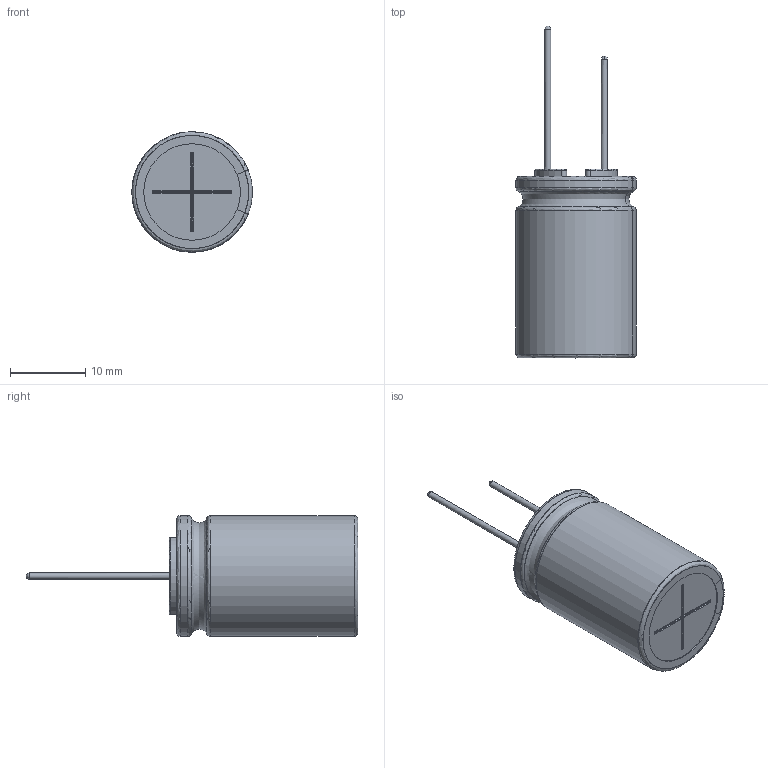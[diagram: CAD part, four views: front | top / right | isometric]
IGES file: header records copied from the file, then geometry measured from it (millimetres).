
Start section: JAMA-IS VERSION  1.0
Bounding box: 15.98 x 44 x 16 mm (x, y, z)
Surface area: 4450.9 mm2 (no closed solid volume)
Topology: 0 solids, 0 shells, 132 faces, 1511 edges, 1492 vertices
Faces by surface type: bspline 132
* * * * * * * * *
◆ **Problem to work on**
Beginning with the line that holds "IGES file: header", copy the entries exactly to their last line, and leave out every earlier line.

◆ **Written answer**
IGES file: header records copied from the file, then geometry measured from it (millimetres).
Start section: JAMA-IS VERSION  1.0
Bounding box: 15.98 x 44 x 16 mm (x, y, z)
Surface area: 4450.9 mm2 (no closed solid volume)
Topology: 0 solids, 0 shells, 132 faces, 1511 edges, 1492 vertices
Faces by surface type: bspline 132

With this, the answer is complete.